Pakistan’s climate change laws

The Globe Climate Legislation Study was published in January 2013, focusing on 33 countries

For the first time climate policymakers have a clear idea of how countries around the world are attempting to control their greenhouse gas emissions.

Visit the Globe International website to download a full report and access data from the other countries featured. Below are the highlights from the Australia section.

Commentary: Terry Townshend

Pakistan is acutely vulnerable to the impacts of climate change.

With extreme weather events, particularly flooding and droughts, regular occurrences, and the productivity of agriculture at risk due to increasing desertification, increasing temperatures and loss of soil fertility, adapting to the impacts of climate change is a priority.

The major response so far has been the National Climate Change Policy (NCCP) that was developed by the Ministry of Environment and adopted by the Cabinet in September 2012.

The NCCP is aimed at helping Pakistan to achieve the development goals set out in the Planning Commission’s Vision 2030 document and identifies vulnerabilities in the sectors of water resources, agriculture, forests, coastal areas, biodiversity and vulnerable ecosystems.

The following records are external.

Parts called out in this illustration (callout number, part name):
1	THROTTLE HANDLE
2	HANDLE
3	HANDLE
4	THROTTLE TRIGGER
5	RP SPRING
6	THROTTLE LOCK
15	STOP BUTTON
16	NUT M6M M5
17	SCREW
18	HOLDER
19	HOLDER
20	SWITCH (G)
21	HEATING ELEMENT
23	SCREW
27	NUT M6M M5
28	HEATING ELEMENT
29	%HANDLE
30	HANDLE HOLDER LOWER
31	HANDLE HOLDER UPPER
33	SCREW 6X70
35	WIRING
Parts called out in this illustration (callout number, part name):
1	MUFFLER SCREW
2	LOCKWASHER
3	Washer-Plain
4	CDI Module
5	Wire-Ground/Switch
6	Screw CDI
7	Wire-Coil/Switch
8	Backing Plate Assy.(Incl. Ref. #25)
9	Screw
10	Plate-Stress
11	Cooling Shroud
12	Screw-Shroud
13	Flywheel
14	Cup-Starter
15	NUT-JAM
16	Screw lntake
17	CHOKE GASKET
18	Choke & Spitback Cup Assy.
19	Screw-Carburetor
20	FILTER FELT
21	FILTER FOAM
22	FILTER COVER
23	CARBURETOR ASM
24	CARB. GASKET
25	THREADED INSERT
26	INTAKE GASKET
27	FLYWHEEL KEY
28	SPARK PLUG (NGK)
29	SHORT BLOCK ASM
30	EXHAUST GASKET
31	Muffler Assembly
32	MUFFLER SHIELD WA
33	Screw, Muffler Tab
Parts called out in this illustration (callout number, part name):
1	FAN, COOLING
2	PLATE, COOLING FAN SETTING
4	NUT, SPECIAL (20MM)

The NCCP also spells out the appropriate adaptation measures to be adopted and puts forward appropriate measures relating to disaster preparedness, capacity building, institutional strengthening, technology transfer and international cooperation.

A few months earlier, in April 2012, the federal level Ministry of National Disaster Management was renamed the Ministry of Climate Change and the National Assembly set up a 21-strong Standing Committee on Climate Change.

However, this progress has seen a setback this year.  In June 2013, Ishaq Dar, the finance minister of Pakistan’s new government, announced in his budget speech a cut of over 62% in annual spending for Pakistan’s Ministry of Climate Change and it has also been downgraded from a Ministry to a division.

The moves, part of a wider cost-cutting strategy, have been strongly criticised by climate scientists, as well as organisations working to improve the country’s resilience to climate impacts.

It remains to be seen whether these cuts have impeded the efforts on ground to reduce the effects of this year’s monsoon season.

Political context
The legislative branch of the democratic Islamic federal republic of Pakistan is integrated by a bicameral parliament or Majlis‐e‐Shoora consisting of the Senate (100 seats; members indirectly elected by provincial assemblies and the territories’ representatives in the National Assembly to serve six‐year terms; one half are elected every three years) and the National Assembly (342 seats; 272 members elected by popular vote; 60 seats reserved for women; 10 seats reserved for non ‐ Muslims; members serve 5 ‐ year terms).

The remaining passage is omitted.